Segment Start: DATASET RECORDS

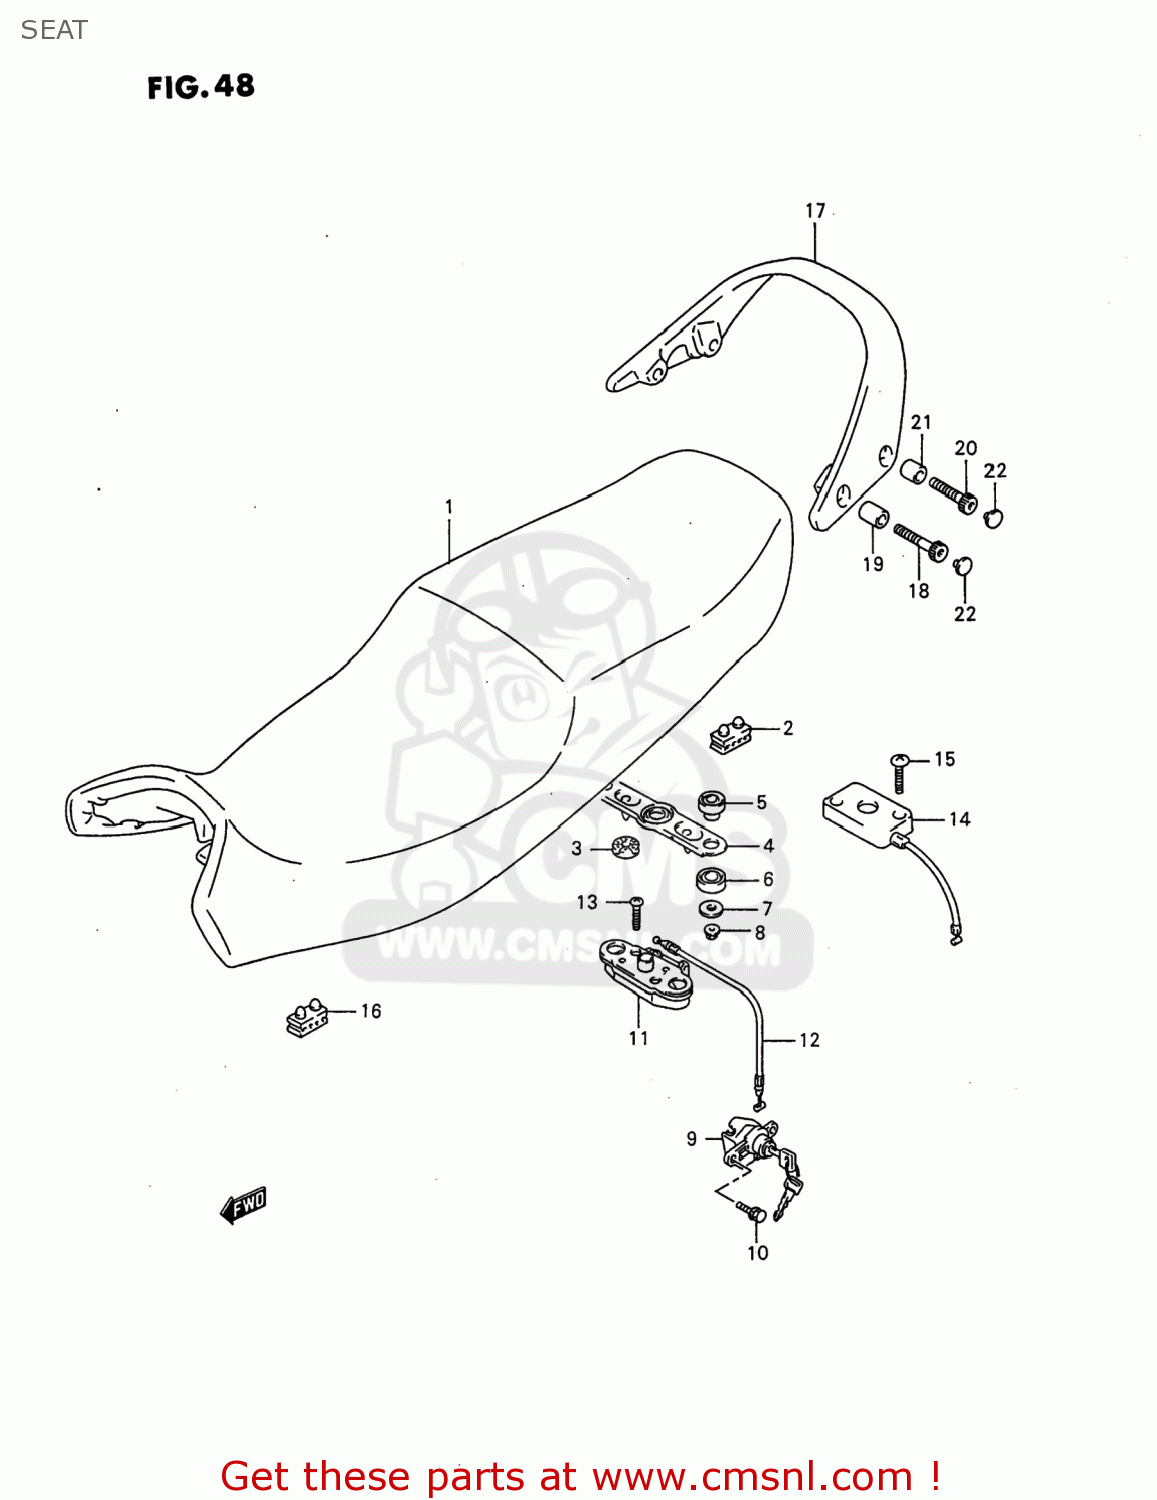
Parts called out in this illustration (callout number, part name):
1	SEAT ASSY
2	CUSHION,SEAT(40X20X15)
3	CUSHION,SEAT LOCK(10X22X6)
4	STRIKER,SEAT LOCK
5	CUSHION
6	CUSHION
7	WASHER
8	NUT
9	LOCK SET,SEAT
10	BOLT
11	BRACKET,SEAT SUPPORT,RIGHT
12	CABLE,SEAT LOCK
13	SCREW
14	BRACKET,SEAT SUPPORT FR
15	SCREW
16	CUSHION,SEAT(40X20X15)
17	HANDLE,PILLION RIDER
18	BOLT
19	SPACER(8.1X16X17)
20	BOLT
21	SPACER(10.2X16X12)
22	CAP(OD:14.5)
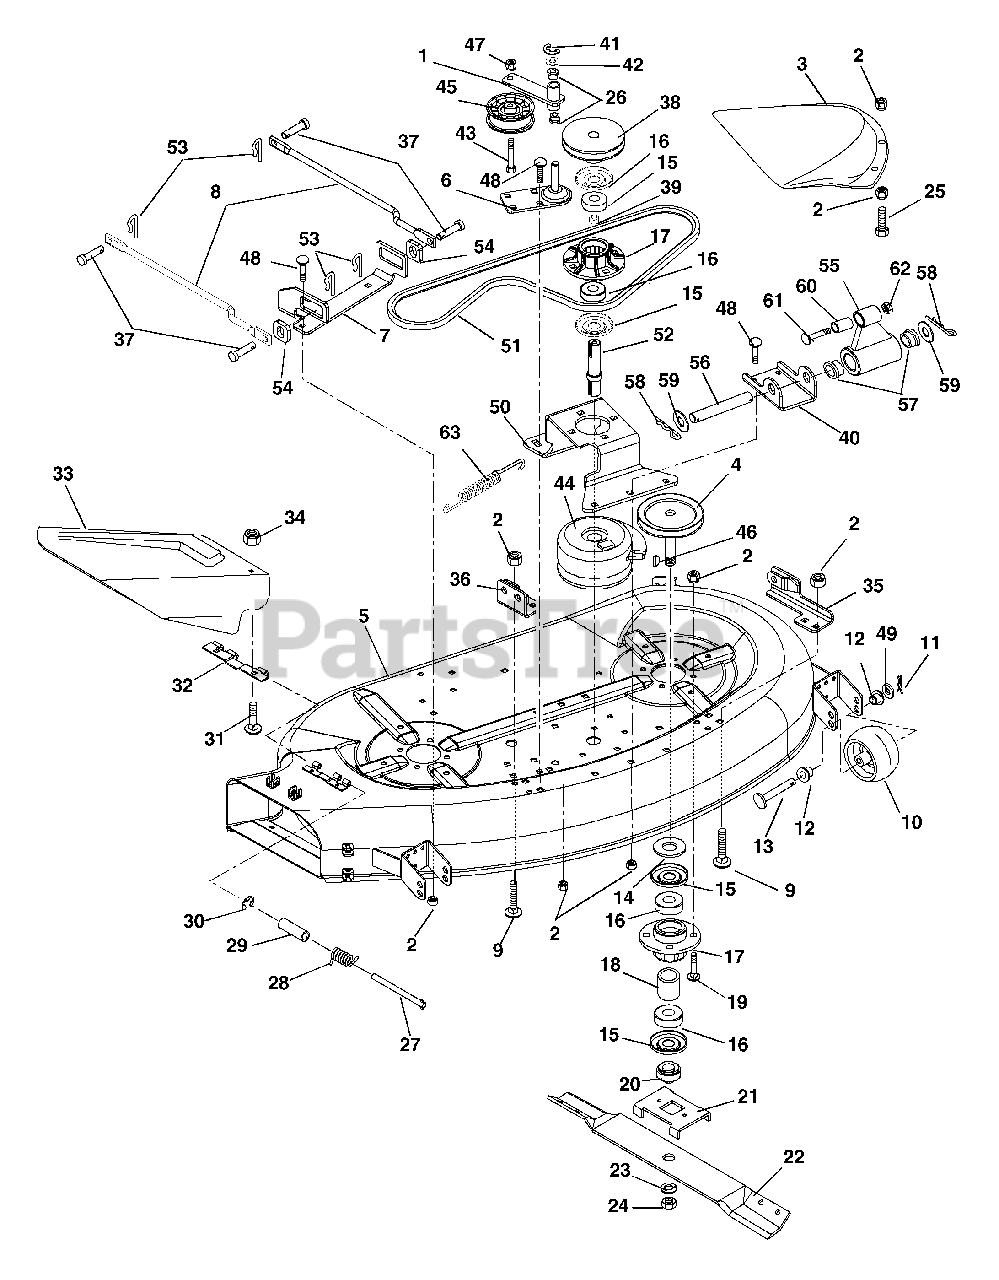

Segment End: DATASET RECORDS

→ **TASK PROMPT**
Print all of the material exactly. Omit pictures.

→ **SOLUTION FOR THIS TASK**
Parts called out in this illustration (callout number, part name):
1	SEAT ASSY
2	CUSHION,SEAT(40X20X15)
3	CUSHION,SEAT LOCK(10X22X6)
4	STRIKER,SEAT LOCK
5	CUSHION
6	CUSHION
7	WASHER
8	NUT
9	LOCK SET,SEAT
10	BOLT
11	BRACKET,SEAT SUPPORT,RIGHT
12	CABLE,SEAT LOCK
13	SCREW
14	BRACKET,SEAT SUPPORT FR
15	SCREW
16	CUSHION,SEAT(40X20X15)
17	HANDLE,PILLION RIDER
18	BOLT
19	SPACER(8.1X16X17)
20	BOLT
21	SPACER(10.2X16X12)
22	CAP(OD:14.5)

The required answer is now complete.